Jambipos, Jambi-Dewan Pers menunjuk Saman SPt sebagai perpanjangan tangan Dewan Pers di Provinsi Jambi guna menjembatani konflik delik pers di Jambi. Dengan berbagai pertimbangan penilaian Saman SPt bertanggungjawab untuk tidak ada kriminalisasi Pers di Provinsi Jambi.

Hal itu diungkapkan Wakil Ketua Dewan Pers Hendry Chairudin Bangun saat memberikan Sertifikat Ahli Pers kepada Saman SPt usai acara Workshop (diskusi-red) Peliputan Pasca Pemilihan Legislatif dan Pemilihan Presiden Tahun 2019, di Aston Hotel Jambi, Kamis (1/8/2019). Nara sumber pada Workshop ini adalah Hendry Chairudin Bangun, Hassanein Rais (Anggota Dewan Pers), Asnawi R MPd (Ketua Bawaslu Provinsi Jambi, Moderator Saman SPt. Sementara peserta Workshop para Jurnalis Cetak, Televisi, Radio, Siber dari berbagai organisasi Pers di Jambi.

Hadir pada kesempatan itu Ketua PWI Provinsi Jambi H Ridwan Agus DPT, Sekretaris PWI Provinsi Jambi Heri FR, Penasehat PWI Provinsi Jambi Muhtadi Putra Nusa, Pengurus SPS Sakti Alam Watir.

Menurut Hendry Chairudin Bangun, Dewan Pers telah menunjuk dan mengangkat satu orang Ahli Pers sebagai konsultan pihak yang bersengketa dengan delik pers di Provinsi Jambi.

Baca: Dewan Pers Adakan Workshop Pasca Pemilu 2019 dan Jelang Pilkada Serentak 2020

Baca: Dewan Pers Minta Polisi Jangan “Asal” Pidanakan Jurnalis

Untuk di Provinsi Jambi, Dewan Pers telah menunjuk Saman SPt sebagai Ahli Pers sebagai konsultan bagi pihak yang bersengketa dengan delik pers di daerah. “Ahli Pers ini merupakan konsultan Dewan Pers di daerah bagi yang bersengketa dengan pemberitaan media,” kata Hendry Chairudin Bangun.

Hendry Chairudin Bangun meminta Polisi di daerah untuk memahami  Nota kesepahaman (Memorandum of Understanding-MoU) antara Dewan Pers dengan Kepolisian Republik Indonesia yang membedakan penanganan perkara pers dengan perkara lain.
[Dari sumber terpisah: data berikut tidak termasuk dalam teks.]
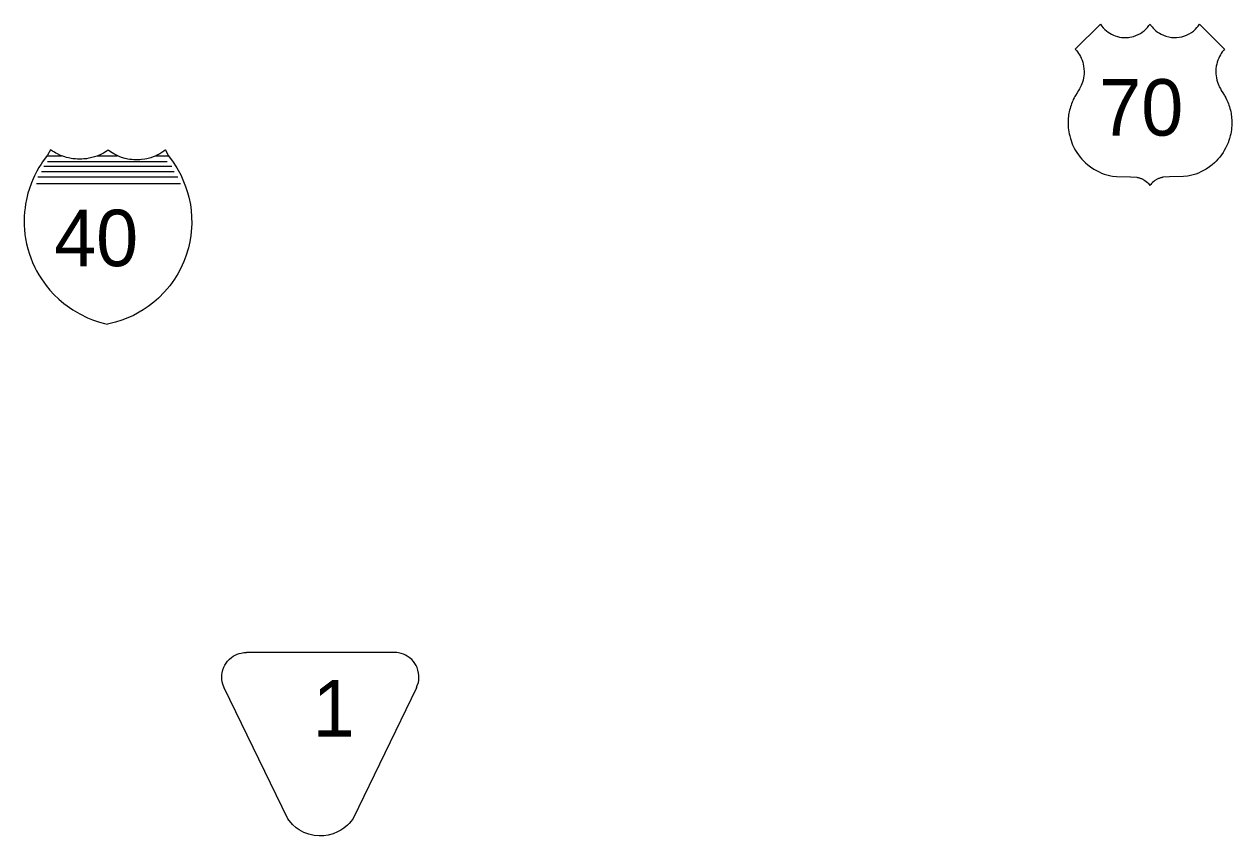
# Model space of a CAD drawing. Extents: x 1612280 to 1883141, y 560852 to 780851.
# Drawn here: x 1745088 to 1754117, y 658557 to 664628 of the extents above; entities that cross this region are included whole.
import ezdxf

# ---------------------------------------------------------------- set-up
doc = ezdxf.new("R2010")
doc.units = 0
for name, color, linetype in [('DESIGN - ROW - Easement Linework and Patterning', 7, 'Continuous'), ('SURVEY - DRAINAGE - Bridge Deck with Text', 7, 'Continuous'), ('SURVEY - DRAINAGE - Bridge Hydraulic Data with Text', 7, 'Continuous')]:
    doc.layers.add(name, color=color, linetype=linetype)

msp = doc.modelspace()

# ---------------------------------------------------------------- linework, layer by layer
at = {"layer": 'DESIGN - ROW - Easement Linework and Patterning'}
for points in [[(1747058.8, 658683.4), (1746584.3, 659663.9), (1746573.8, 659690.9), (1746569.3, 659708.9), (1746566.7, 659726.8), (1746565.9, 659742.4), (1746566.5, 659760.2), (1746568.7, 659776.7), (1746574.4, 659799.9), (1746581, 659817.5), (1746588.8, 659833.6), (1746598.9, 659849.8), (1746609.2, 659863.3), (1746624.6, 659879.5), (1746638.9, 659891.5), (1746652.1, 659900.7), (1746664.8, 659908), (1746681.3, 659915.7), (1746696.9, 659921.2), (1746709.7, 659924.6), (1746731.3, 659928.2), (1746750.7, 659929.2)], [(1747058.8, 658683.4), (1746584.3, 659663.9), (1746573.8, 659690.9), (1746569.3, 659708.9), (1746566.7, 659726.8), (1746565.9, 659742.4), (1746566.5, 659760.2), (1746568.7, 659776.7), (1746574.4, 659799.9), (1746581, 659817.5), (1746588.8, 659833.6), (1746598.9, 659849.8), (1746609.2, 659863.3), (1746624.6, 659879.5), (1746638.9, 659891.5), (1746652.1, 659900.7), (1746664.8, 659908), (1746681.3, 659915.7), (1746696.9, 659921.2), (1746709.7, 659924.6), (1746731.3, 659928.2), (1746750.7, 659929.2)], [(1748021.4, 659663.9), (1748027.5, 659681.6), (1748035.5, 659704.8), (1748038.4, 659721.4), (1748039.8, 659741.8), (1748039.4, 659757.1), (1748037.3, 659775), (1748032.1, 659797.4), (1748025.5, 659815.6), (1748018.7, 659830.2), (1748010, 659845), (1747998.4, 659861), (1747985.8, 659875), (1747967.1, 659891.3), (1747952.2, 659901.6), (1747938.3, 659909.4), (1747924, 659915.8), (1747907.7, 659921.5), (1747888, 659926.2), (1747874.1, 659928.2), (1747855, 659929.2), (1746750.7, 659929.2)], [(1748021.4, 659663.9), (1748027.5, 659681.6), (1748035.5, 659704.8), (1748038.4, 659721.4), (1748039.8, 659741.8), (1748039.4, 659757.1), (1748037.3, 659775), (1748032.1, 659797.4), (1748025.5, 659815.6), (1748018.7, 659830.2), (1748010, 659845), (1747998.4, 659861), (1747985.8, 659875), (1747967.1, 659891.3), (1747952.2, 659901.6), (1747938.3, 659909.4), (1747924, 659915.8), (1747907.7, 659921.5), (1747888, 659926.2), (1747874.1, 659928.2), (1747855, 659929.2), (1746750.7, 659929.2)], [(1748021.4, 659663.9), (1747548.3, 658686.3), (1747533.1, 658666), (1747518.7, 658649.7), (1747505.4, 658636.6), (1747477.3, 658613.5), (1747455.2, 658598.9), (1747431.2, 658586.1), (1747398.4, 658572.7), (1747360.7, 658562.6), (1747329, 658558.1), (1747294, 658557), (1747256.7, 658560.4), (1747216.2, 658569.7), (1747180.4, 658583.1), (1747144.8, 658602.1), (1747122.8, 658617.1), (1747093.4, 658642.6), (1747058.8, 658683.4)], [(1748021.4, 659663.9), (1747548.3, 658686.3), (1747533.1, 658666), (1747518.7, 658649.7), (1747505.4, 658636.6), (1747477.3, 658613.5), (1747455.2, 658598.9), (1747431.2, 658586.1), (1747398.4, 658572.7), (1747360.7, 658562.6), (1747329, 658558.1), (1747294, 658557), (1747256.7, 658560.4), (1747216.2, 658569.7), (1747180.4, 658583.1), (1747144.8, 658602.1), (1747122.8, 658617.1), (1747093.4, 658642.6), (1747058.8, 658683.4)]]:
    msp.add_lwpolyline(points, dxfattribs=at)
at = {"layer": 'SURVEY - DRAINAGE - Bridge Deck with Text'}
for points in [[(1752946.8, 664441.6), (1753134.2, 664628), (1753144, 664614.3), (1753156.3, 664599.5), (1753168.4, 664587.3), (1753179.6, 664577.5), (1753191.9, 664568.1), (1753204.8, 664559.7), (1753217.2, 664552.7), (1753231.7, 664545.8), (1753244.8, 664540.6), (1753261.2, 664535.4), (1753276.8, 664531.7), (1753293.3, 664529.1), (1753311, 664527.7), (1753319, 664527.5), (1753327.1, 664527.6), (1753335, 664528), (1753345.1, 664528.9), (1753355.5, 664530.4), (1753369, 664533), (1753381.5, 664536.2), (1753399.6, 664542.4), (1753416.9, 664549.9), (1753433.4, 664558.8), (1753447.3, 664567.8), (1753461, 664578.3), (1753474.3, 664590.2), (1753486.3, 664602.9), (1753497.5, 664616.8), (1753505.4, 664628), (1753512.3, 664618.1), (1753521, 664606.9), (1753529, 664597.9), (1753538.3, 664588.5), (1753550, 664578.1), (1753562.4, 664568.6), (1753575.5, 664560), (1753589.2, 664552.3), (1753605.1, 664544.8), (1753623.8, 664537.9), (1753645, 664532.3), (1753665.9, 664528.9), (1753684, 664527.6), (1753703.8, 664527.9), (1753724, 664530), (1753744.2, 664534), (1753766.5, 664540.8), (1753784.3, 664548.1), (1753798.8, 664555.5), (1753815.8, 664566.1), (1753830, 664576.6), (1753845.9, 664590.7), (1753856.6, 664601.9), (1753866.5, 664613.8), (1753876.5, 664628.1), (1754063.3, 664441.6)], [(1752946.8, 664441.6), (1753134.2, 664628), (1753144, 664614.3), (1753156.3, 664599.5), (1753168.4, 664587.3), (1753179.6, 664577.5), (1753191.9, 664568.1), (1753204.8, 664559.7), (1753217.2, 664552.7), (1753231.7, 664545.8), (1753244.8, 664540.6), (1753261.2, 664535.4), (1753276.8, 664531.7), (1753293.3, 664529.1), (1753311, 664527.7), (1753319, 664527.5), (1753327.1, 664527.6), (1753335, 664528), (1753345.1, 664528.9), (1753355.5, 664530.4), (1753369, 664533), (1753381.5, 664536.2), (1753399.6, 664542.4), (1753416.9, 664549.9), (1753433.4, 664558.8), (1753447.3, 664567.8), (1753461, 664578.3), (1753474.3, 664590.2), (1753486.3, 664602.9), (1753497.5, 664616.8), (1753505.4, 664628), (1753512.3, 664618.1), (1753521, 664606.9), (1753529, 664597.9), (1753538.3, 664588.5), (1753550, 664578.1), (1753562.4, 664568.6), (1753575.5, 664560), (1753589.2, 664552.3), (1753605.1, 664544.8), (1753623.8, 664537.9), (1753645, 664532.3), (1753665.9, 664528.9), (1753684, 664527.6), (1753703.8, 664527.9), (1753724, 664530), (1753744.2, 664534), (1753766.5, 664540.8), (1753784.3, 664548.1), (1753798.8, 664555.5), (1753815.8, 664566.1), (1753830, 664576.6), (1753845.9, 664590.7), (1753856.6, 664601.9), (1753866.5, 664613.8), (1753876.5, 664628.1), (1754063.3, 664441.6)], [(1752946.8, 664441.6), (1752955.9, 664430.9), (1752964.1, 664420.3), (1752971.7, 664409.1), (1752978, 664398.8), (1752984.8, 664386.4), (1752991.4, 664372.5), (1752997, 664358.4), (1753002.1, 664343), (1753005.9, 664328.6), (1753009.1, 664312.6), (1753011.4, 664294.9), (1753012.5, 664273.2), (1753012.1, 664256.8), (1753010.7, 664240.8), (1753008.6, 664226.8), (1753004.7, 664208.6), (1753000.8, 664194.8), (1752996.3, 664181.6), (1752991.4, 664169.5), (1752986.6, 664159.2), (1752978.8, 664145.4), (1752971.6, 664132.8), (1752961.1, 664115.2), (1752948.2, 664094.1), (1752944.5, 664088.1), (1752938.6, 664077.1), (1752932, 664063.9), (1752927.9, 664054.8), (1752923.1, 664043.5), (1752919, 664033.2), (1752915.1, 664022.2), (1752911.2, 664010.5), (1752907.5, 663997.9), (1752904, 663984.5), (1752901.5, 663973.3), (1752899.2, 663961.2), (1752897.2, 663949.3), (1752895.5, 663936.6), (1752894.3, 663925), (1752893.5, 663913.5), (1752893, 663902.6), (1752892.8, 663891.5), (1752893, 663879), (1752893.4, 663867.4), (1752894.5, 663852.9), (1752896.1, 663837.8), (1752898.4, 663822.5), (1752901.2, 663807.8), (1752904.8, 663791.5), (1752910.1, 663772.4), (1752914.8, 663757.8), (1752921.2, 663740.2), (1752927.2, 663726.6), (1752932.2, 663715), (1752939.5, 663700.4), (1752949.3, 663682.9), (1752958.4, 663668.2), (1752970.4, 663650.6), (1752983, 663634.3), (1752996.8, 663618), (1753011.3, 663602.7), (1753023.7, 663590.7), (1753040.6, 663576), (1753060.4, 663560.6), (1753084.6, 663544.3), (1753104.8, 663532.5), (1753124.3, 663522.6), (1753142.3, 663514.5), (1753163.1, 663506.5), (1753182.4, 663500.1), (1753201.7, 663494.8), (1753211.6, 663492.5), (1753224.3, 663490.8), (1753254.4, 663488.2), (1753360, 663484.9), (1753407.7, 663482.4), (1753412.2, 663481.9), (1753417, 663480.8), (1753422.1, 663479.5), (1753427.2, 663478), (1753431.9, 663476.5), (1753436.5, 663474.7), (1753441.9, 663472.6), (1753446.2, 663470.6), (1753451.4, 663468.1), (1753455.2, 663466.1), (1753459.3, 663463.8), (1753467.8, 663458.4), (1753476.9, 663451.7), (1753485.5, 663444.3), (1753493.1, 663436.8), (1753499.5, 663429.5), (1753505.1, 663421.2)], [(1752946.8, 664441.6), (1752955.9, 664430.9), (1752964.1, 664420.3), (1752971.7, 664409.1), (1752978, 664398.8), (1752984.8, 664386.4), (1752991.4, 664372.5), (1752997, 664358.4), (1753002.1, 664343), (1753005.9, 664328.6), (1753009.1, 664312.6), (1753011.4, 664294.9), (1753012.5, 664273.2), (1753012.1, 664256.8), (1753010.7, 664240.8), (1753008.6, 664226.8), (1753004.7, 664208.6), (1753000.8, 664194.8), (1752996.3, 664181.6), (1752991.4, 664169.5), (1752986.6, 664159.2), (1752978.8, 664145.4), (1752971.6, 664132.8), (1752961.1, 664115.2), (1752948.2, 664094.1), (1752944.5, 664088.1), (1752938.6, 664077.1), (1752932, 664063.9), (1752927.9, 664054.8), (1752923.1, 664043.5), (1752919, 664033.2), (1752915.1, 664022.2), (1752911.2, 664010.5), (1752907.5, 663997.9), (1752904, 663984.5), (1752901.5, 663973.3), (1752899.2, 663961.2), (1752897.2, 663949.3), (1752895.5, 663936.6), (1752894.3, 663925), (1752893.5, 663913.5), (1752893, 663902.6), (1752892.8, 663891.5), (1752893, 663879), (1752893.4, 663867.4), (1752894.5, 663852.9), (1752896.1, 663837.8), (1752898.4, 663822.5), (1752901.2, 663807.8), (1752904.8, 663791.5), (1752910.1, 663772.4), (1752914.8, 663757.8), (1752921.2, 663740.2), (1752927.2, 663726.6), (1752932.2, 663715), (1752939.5, 663700.4), (1752949.3, 663682.9), (1752958.4, 663668.2), (1752970.4, 663650.6), (1752983, 663634.3), (1752996.8, 663618), (1753011.3, 663602.7), (1753023.7, 663590.7), (1753040.6, 663576), (1753060.4, 663560.6), (1753084.6, 663544.3), (1753104.8, 663532.5), (1753124.3, 663522.6), (1753142.3, 663514.5), (1753163.1, 663506.5), (1753182.4, 663500.1), (1753201.7, 663494.8), (1753211.6, 663492.5), (1753224.3, 663490.8), (1753254.4, 663488.2), (1753360, 663484.9), (1753407.7, 663482.4), (1753412.2, 663481.9), (1753417, 663480.8), (1753422.1, 663479.5), (1753427.2, 663478), (1753431.9, 663476.5), (1753436.5, 663474.7), (1753441.9, 663472.6), (1753446.2, 663470.6), (1753451.4, 663468.1), (1753455.2, 663466.1), (1753459.3, 663463.8), (1753467.8, 663458.4), (1753476.9, 663451.7), (1753485.5, 663444.3), (1753493.1, 663436.8), (1753499.5, 663429.5), (1753505.1, 663421.2)], [(1754063.3, 664441.6), (1754054.2, 664431), (1754046, 664420.3), (1754038.4, 664409.1), (1754032.1, 664398.9), (1754025.3, 664386.4), (1754018.8, 664372.5), (1754013.1, 664358.5), (1754008, 664343.1), (1754004.2, 664328.6), (1754001, 664312.6), (1753998.7, 664294.9), (1753997.6, 664273.2), (1753998, 664256.8), (1753999.4, 664240.9), (1754001.5, 664226.9), (1754005.4, 664208.6), (1754009.3, 664194.8), (1754013.8, 664181.7), (1754018.8, 664169.6), (1754023.6, 664159.2), (1754031.3, 664145.5), (1754038.6, 664132.9), (1754049, 664115.2), (1754061.9, 664094.2), (1754065.6, 664088.2), (1754071.5, 664077.1), (1754078.1, 664064), (1754082.3, 664054.9), (1754087.1, 664043.6), (1754091.2, 664033.2), (1754095.1, 664022.3), (1754098.9, 664010.5), (1754102.6, 663997.9), (1754106.1, 663984.5), (1754108.6, 663973.3), (1754111, 663961.3), (1754112.9, 663949.4), (1754114.6, 663936.6), (1754115.8, 663925.1), (1754116.6, 663913.5), (1754117.1, 663902.6), (1754117.3, 663891.5), (1754117.2, 663879), (1754116.7, 663867.5), (1754115.7, 663852.9), (1754114, 663837.8), (1754111.7, 663822.5), (1754109, 663807.8), (1754105.3, 663791.5), (1754100, 663772.4), (1754095.4, 663757.9), (1754088.9, 663740.3), (1754083, 663726.6), (1754077.9, 663715), (1754070.6, 663700.4), (1754060.8, 663682.9), (1754051.7, 663668.2), (1754039.7, 663650.7), (1754027.2, 663634.3), (1754013.4, 663618.1), (1753998.9, 663602.7), (1753986.4, 663590.7), (1753969.5, 663576), (1753949.8, 663560.6), (1753925.6, 663544.4), (1753905.3, 663532.6), (1753885.9, 663522.6), (1753867.9, 663514.5), (1753847, 663506.5), (1753827.8, 663500.1), (1753808.4, 663494.8), (1753798.6, 663492.5), (1753785.9, 663490.9), (1753755.8, 663488.2), (1753650.2, 663484.9), (1753602.5, 663482.4), (1753598, 663481.9), (1753593.2, 663480.8), (1753588, 663479.5), (1753583, 663478), (1753578.3, 663476.5), (1753573.6, 663474.7), (1753568.3, 663472.6), (1753563.9, 663470.7), (1753558.8, 663468.1), (1753554.9, 663466.1), (1753550.9, 663463.8), (1753542.3, 663458.4), (1753533.2, 663451.7), (1753524.7, 663444.3), (1753517, 663436.8), (1753510.6, 663429.5), (1753505.1, 663421.2)], [(1754063.3, 664441.6), (1754054.2, 664431), (1754046, 664420.3), (1754038.4, 664409.1), (1754032.1, 664398.9), (1754025.3, 664386.4), (1754018.8, 664372.5), (1754013.1, 664358.5), (1754008, 664343.1), (1754004.2, 664328.6), (1754001, 664312.6), (1753998.7, 664294.9), (1753997.6, 664273.2), (1753998, 664256.8), (1753999.4, 664240.9), (1754001.5, 664226.9), (1754005.4, 664208.6), (1754009.3, 664194.8), (1754013.8, 664181.7), (1754018.8, 664169.6), (1754023.6, 664159.2), (1754031.3, 664145.5), (1754038.6, 664132.9), (1754049, 664115.2), (1754061.9, 664094.2), (1754065.6, 664088.2), (1754071.5, 664077.1), (1754078.1, 664064), (1754082.3, 664054.9), (1754087.1, 664043.6), (1754091.2, 664033.2), (1754095.1, 664022.3), (1754098.9, 664010.5), (1754102.6, 663997.9), (1754106.1, 663984.5), (1754108.6, 663973.3), (1754111, 663961.3), (1754112.9, 663949.4), (1754114.6, 663936.6), (1754115.8, 663925.1), (1754116.6, 663913.5), (1754117.1, 663902.6), (1754117.3, 663891.5), (1754117.2, 663879), (1754116.7, 663867.5), (1754115.7, 663852.9), (1754114, 663837.8), (1754111.7, 663822.5), (1754109, 663807.8), (1754105.3, 663791.5), (1754100, 663772.4), (1754095.4, 663757.9), (1754088.9, 663740.3), (1754083, 663726.6), (1754077.9, 663715), (1754070.6, 663700.4), (1754060.8, 663682.9), (1754051.7, 663668.2), (1754039.7, 663650.7), (1754027.2, 663634.3), (1754013.4, 663618.1), (1753998.9, 663602.7), (1753986.4, 663590.7), (1753969.5, 663576), (1753949.8, 663560.6), (1753925.6, 663544.4), (1753905.3, 663532.6), (1753885.9, 663522.6), (1753867.9, 663514.5), (1753847, 663506.5), (1753827.8, 663500.1), (1753808.4, 663494.8), (1753798.6, 663492.5), (1753785.9, 663490.9), (1753755.8, 663488.2), (1753650.2, 663484.9), (1753602.5, 663482.4), (1753598, 663481.9), (1753593.2, 663480.8), (1753588, 663479.5), (1753583, 663478), (1753578.3, 663476.5), (1753573.6, 663474.7), (1753568.3, 663472.6), (1753563.9, 663470.7), (1753558.8, 663468.1), (1753554.9, 663466.1), (1753550.9, 663463.8), (1753542.3, 663458.4), (1753533.2, 663451.7), (1753524.7, 663444.3), (1753517, 663436.8), (1753510.6, 663429.5), (1753505.1, 663421.2)]]:
    msp.add_lwpolyline(points, dxfattribs=at)
at = {"layer": 'SURVEY - DRAINAGE - Bridge Hydraulic Data with Text'}
for p, q in [((1745259.6, 663643), (1745366.2, 663643.1)), ((1745259.6, 663643), (1745366.2, 663643.1)), ((1745635.4, 663643.1), (1745782.7, 663643.1)), ((1745635.4, 663643.1), (1745782.7, 663643.1)), ((1746068.2, 663643.1), (1746168, 663643.1)), ((1746068.2, 663643.1), (1746168, 663643.1)), ((1745235.8, 663566), (1746191.7, 663566)), ((1745235.8, 663566), (1746191.7, 663566)), ((1745263.5, 663599.8), (1746157.7, 663599.9)), ((1745263.5, 663599.8), (1746157.7, 663599.9)), ((1745191.1, 663486.6), (1746236.4, 663486.7)), ((1745191.1, 663486.6), (1746236.4, 663486.7)), ((1745218.8, 663526.9), (1746210.9, 663527)), ((1745218.8, 663526.9), (1746210.9, 663527)), ((1745179.4, 663435.9), (1746256.7, 663435.9)), ((1745179.4, 663435.9), (1746256.7, 663435.9))]:
    msp.add_line(p, q, dxfattribs=at)
for points in [[(1745286.2, 663688.2), (1745263.6, 663649.3), (1745244.6, 663624.9), (1745225.1, 663597.6), (1745214.6, 663581.8), (1745199, 663556.8), (1745183.2, 663528.9), (1745165.2, 663493.5), (1745154.4, 663470), (1745142.6, 663441.6), (1745124.7, 663391.1), (1745116.7, 663363.8), (1745110.4, 663339.8), (1745104.9, 663315.6), (1745098.7, 663282.5), (1745094.7, 663255.3), (1745091.3, 663223.5), (1745089.1, 663190.4), (1745088.2, 663151.2), (1745088.9, 663122.4), (1745090.7, 663092.2), (1745094.4, 663055.5), (1745099, 663024.7), (1745106.7, 662984.8), (1745116.2, 662946.3), (1745127.7, 662908.1), (1745137.9, 662879), (1745151.1, 662846), (1745167.9, 662809.1), (1745181.4, 662782.7), (1745197.8, 662753.6), (1745217.4, 662722.3), (1745253.2, 662672.1), (1745280, 662639.4), (1745310.9, 662605.7), (1745347.1, 662570.8), (1745384.5, 662539), (1745451.8, 662491), (1745503.5, 662460.7), (1745562.5, 662432.2), (1745598.6, 662417.6), (1745651.8, 662399.8), (1745688.6, 662389.9), (1745711.5, 662384.2)], [(1745286.2, 663688.2), (1745263.6, 663649.3), (1745244.6, 663624.9), (1745225.1, 663597.6), (1745214.6, 663581.8), (1745199, 663556.8), (1745183.2, 663528.9), (1745165.2, 663493.5), (1745154.4, 663470), (1745142.6, 663441.6), (1745124.7, 663391.1), (1745116.7, 663363.8), (1745110.4, 663339.8), (1745104.9, 663315.6), (1745098.7, 663282.5), (1745094.7, 663255.3), (1745091.3, 663223.5), (1745089.1, 663190.4), (1745088.2, 663151.2), (1745088.9, 663122.4), (1745090.7, 663092.2), (1745094.4, 663055.5), (1745099, 663024.7), (1745106.7, 662984.8), (1745116.2, 662946.3), (1745127.7, 662908.1), (1745137.9, 662879), (1745151.1, 662846), (1745167.9, 662809.1), (1745181.4, 662782.7), (1745197.8, 662753.6), (1745217.4, 662722.3), (1745253.2, 662672.1), (1745280, 662639.4), (1745310.9, 662605.7), (1745347.1, 662570.8), (1745384.5, 662539), (1745451.8, 662491), (1745503.5, 662460.7), (1745562.5, 662432.2), (1745598.6, 662417.6), (1745651.8, 662399.8), (1745688.6, 662389.9), (1745711.5, 662384.2)], [(1746144.6, 663686.9), (1746132.1, 663677.7), (1746117.6, 663667.8), (1746102.6, 663658.8), (1746086.6, 663650.2), (1746074.2, 663644.3), (1746052.4, 663635.2), (1746034.5, 663629), (1746005.8, 663621.3), (1745990.6, 663618.2), (1745966.2, 663614.8), (1745953.4, 663613.6), (1745937.3, 663612.9), (1745917.1, 663613), (1745908.5, 663613.4), (1745894.5, 663614.5), (1745877.5, 663616.6), (1745864.5, 663618.8), (1745843.8, 663623.4), (1745816.1, 663631.5), (1745798, 663638.3), (1745782.7, 663644.9), (1745758.5, 663657.2), (1745734.3, 663672), (1745715.4, 663685.7), (1745700.5, 663675.7), (1745681, 663664.1), (1745660.6, 663653.7), (1745645, 663646.8), (1745630.6, 663641.1), (1745614.3, 663635.5), (1745595.2, 663630), (1745583.1, 663627.1), (1745572.6, 663624.9), (1745553.5, 663621.8), (1745534.1, 663619.6), (1745520.2, 663618.7), (1745506.3, 663618.3), (1745488.1, 663618.5), (1745471, 663619.6), (1745451.8, 663621.8), (1745438.8, 663623.8), (1745419.7, 663627.7), (1745404.6, 663631.5), (1745392.9, 663634.9), (1745377.9, 663639.9), (1745366.3, 663644.3), (1745355.3, 663648.9), (1745338, 663656.9), (1745325.8, 663663.3), (1745314.6, 663669.6), (1745299.3, 663679.2), (1745286.2, 663688.2)], [(1746144.6, 663686.9), (1746132.1, 663677.7), (1746117.6, 663667.8), (1746102.6, 663658.8), (1746086.6, 663650.2), (1746074.2, 663644.3), (1746052.4, 663635.2), (1746034.5, 663629), (1746005.8, 663621.3), (1745990.6, 663618.2), (1745966.2, 663614.8), (1745953.4, 663613.6), (1745937.3, 663612.9), (1745917.1, 663613), (1745908.5, 663613.4), (1745894.5, 663614.5), (1745877.5, 663616.6), (1745864.5, 663618.8), (1745843.8, 663623.4), (1745816.1, 663631.5), (1745798, 663638.3), (1745782.7, 663644.9), (1745758.5, 663657.2), (1745734.3, 663672), (1745715.4, 663685.7), (1745700.5, 663675.7), (1745681, 663664.1), (1745660.6, 663653.7), (1745645, 663646.8), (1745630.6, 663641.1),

Polisi juga diminta tidak asal memperkarakan wartawan terkait dengan delik pers (hasil karya Jurnalistik) dengan undang-undang Undang-undang No. 11 tahun 2008 tentang Informasi dan Transaksi Elektronik (ITE).

MoU Dewan Pers dengan Polri dalam upaya memperkuat jalinan kerjasama antara Pers dengan Polri ini ditandatangani pada hari Kamis 9 Februari 2012 bertepatan dengan Hari Pers Nasional Tahun 2012 di Jambi, antara pihak Dewan Pers diwakili oleh Ketua Dewan Pers, Prof Dr Bagir Manan SH MCL  sedangkan dari Polri oleh Kapolri, Jenderal Polisi Drs Timur Pradopo.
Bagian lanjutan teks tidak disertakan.